IPU rounding options
  1. Round to Nearest (ties to even)
  1. Stochastic Rounding
What is the key benefit of stochastic rounding?
It reduces swamping
Stochastic rounding equations
How is stochastic rounding implemented in practice?
  1. Generate a uniform random bit string, aligned to the portion to be truncated
  1. Add this to the higher-precision operand
  1. Sum
  1. Truncate
Why does the random bit-string implementation of stochastic rounding work?
  1. Using the extreme bit values is equivalent to floor and ceiling
  1. Intermediate values linearly interpolate
  1. With probability proportional to distance of sum from upper / lower bounds

To adjust

Is the shift issue for mul or sum?
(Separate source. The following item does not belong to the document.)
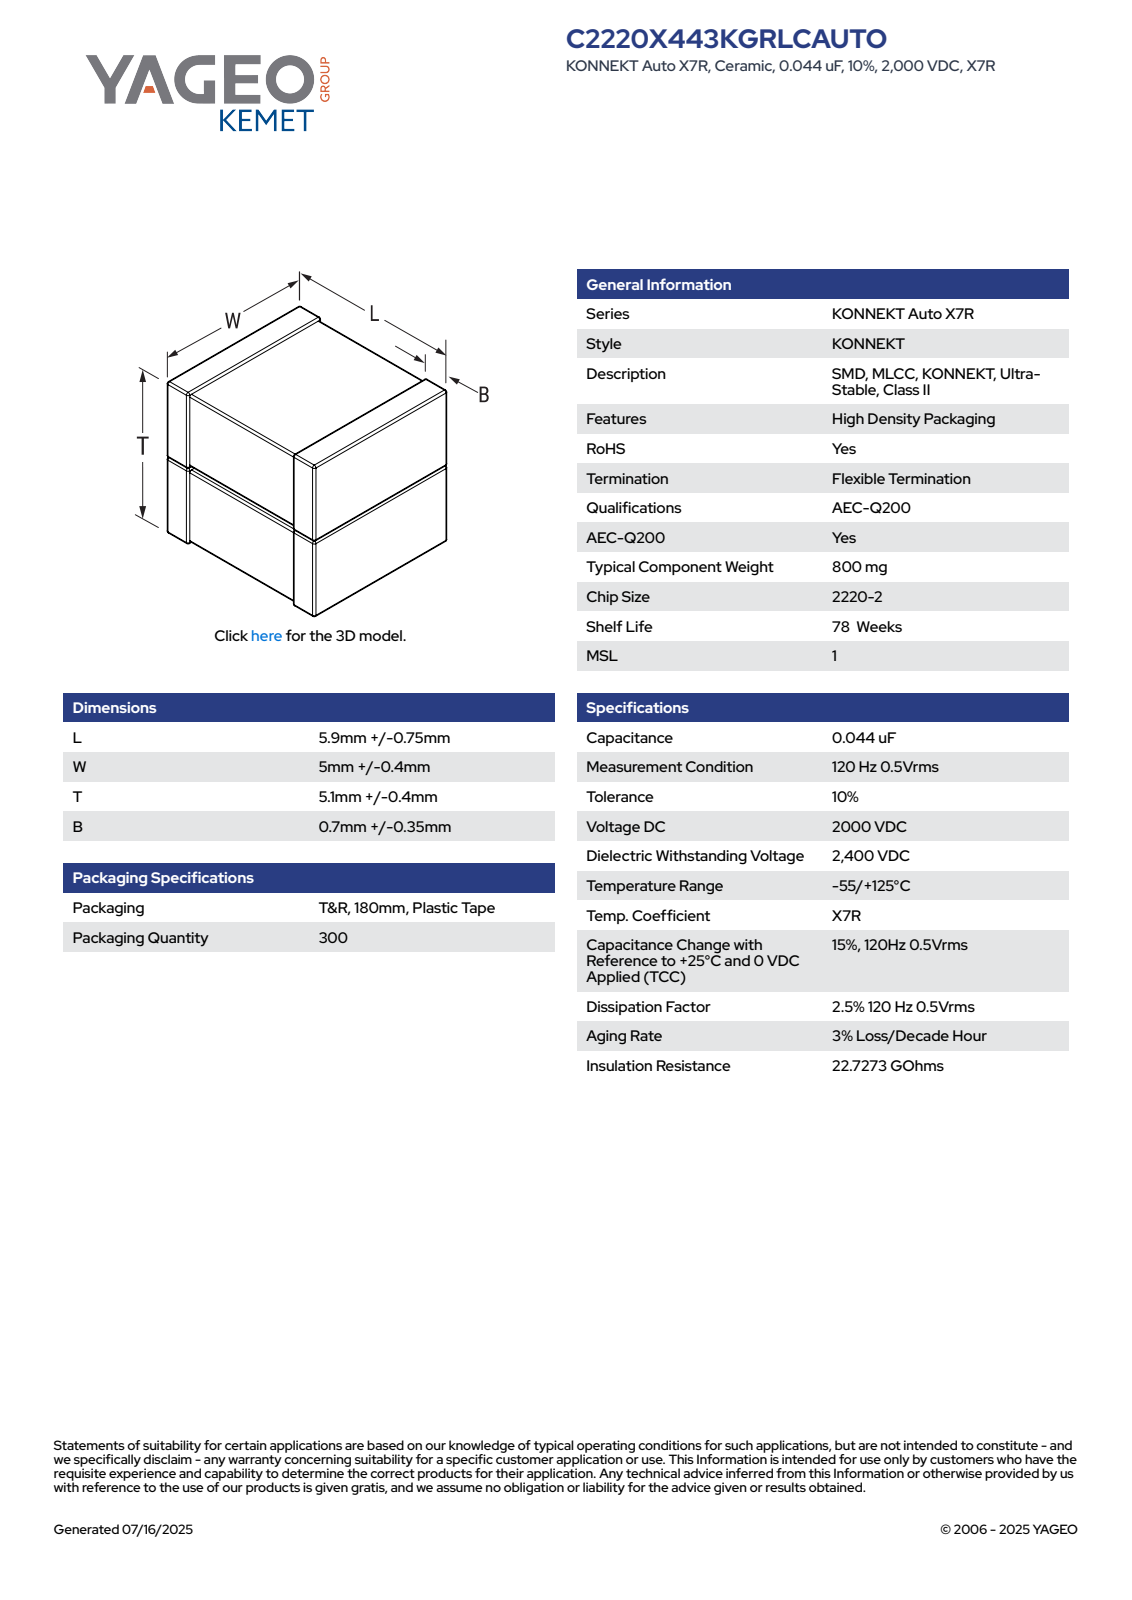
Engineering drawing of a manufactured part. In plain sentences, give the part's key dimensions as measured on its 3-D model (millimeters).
The part is named "CCSS_K2T_2220-2_L6.65W5.4B1.05T5.5". Its 3-D file was written by "SolidWorks 2020 (AUTOMOTIVE_DESIGN)". It is 4 solids with 181 faces: 81 planar, 68 cylindrical and 32 other. Overall it measures 6.65 by 5.5 by 5.4 millimeters. Its volume is 187 cubic millimeters and its surface area 254 square millimeters. The main face-to-face distances are 2.61, 2.75, 6.65, 5.36, 5.26, 2.68, 2.82, 5.43, 5.33, 5.5.
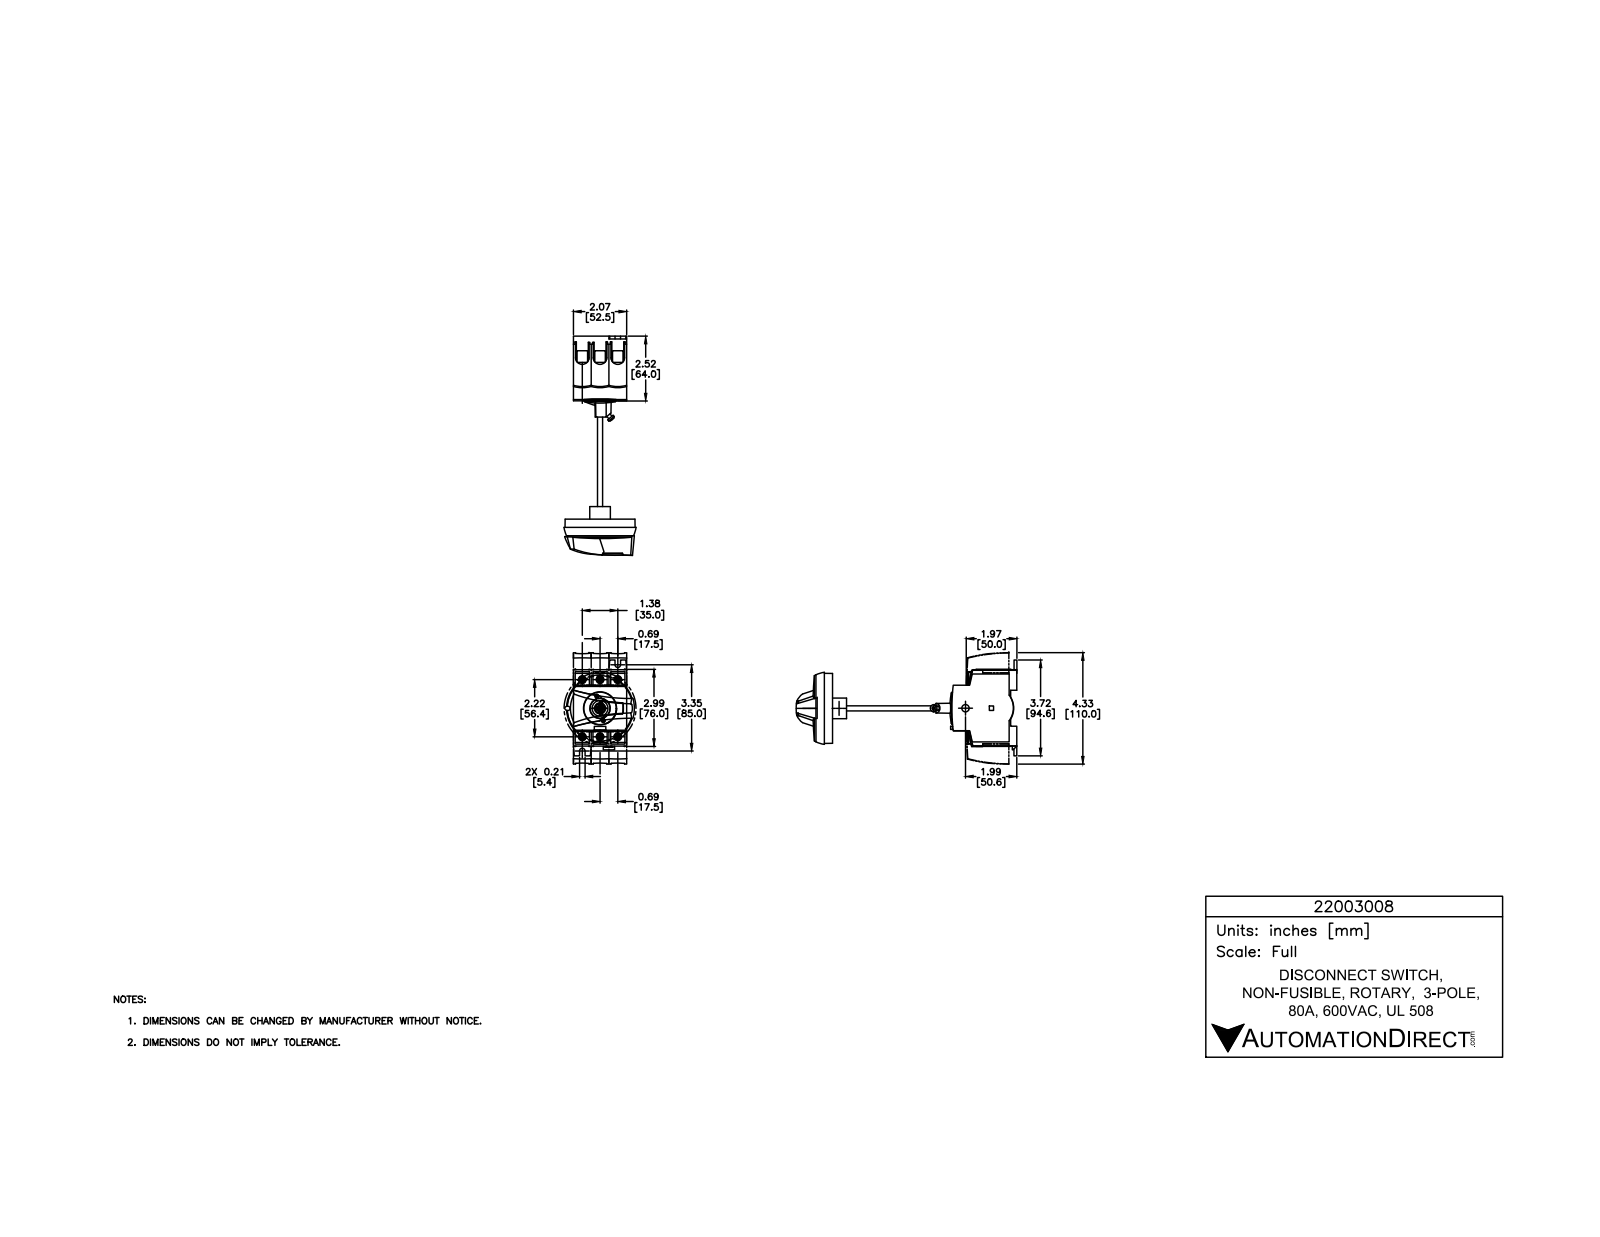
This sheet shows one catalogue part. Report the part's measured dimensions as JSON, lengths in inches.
{"part_name": "22003008-UL", "step_written_by": "SolidWorks 2021 (CONFIG_CONTROL_DESIGN)", "units": "inches", "bodies": {"solids": 1, "faces": 238, "planar": 199, "cylindrical": 39, "other": 0}, "overall_size": [3.724, 2.576, 2.067], "volume_in3": 12.81, "surface_area_in2": 42.15, "round_holes": [[0.26, 6], [0.283, 1], [1.26, 1]], "partial_cylinders_radius": [[1.18, 9], [0.012, 4], [0.106, 2], [0.37, 1], [0.827, 1], [7.862, 1]], "face_to_face_distances": [2.067, 2.969, 2.391, 2.382, 0.61, 0.142, 2.827, 0.587, 2.358, 1.772], "hole_center_spacings": [0.689, 1.307, 2.325, 2.22, 1.11, 1.378, 2.613]}

How is the other one handled?

Open questions

  • Results r.e. stochastic rounding and batch size
  • For FP8 what might stay in FP16? Presumably master weights and opt state. What about grads for all-reduce / accumulation? Does it need to?
  • How is SNR computed?
  • Are partials within the AMP unit always in FP32? Does the outer partials sum have an FP32 part too? I think FP8 still accumulates into an FP32 partial, which can optionally be rounded down afterwards? Is this true? Could it be accumulated in FP16 (or BF16?)
  • Is stochastic rounding done for all of: phases, partials, exchange partials, grad acc, grad all-reduce (terminology here?)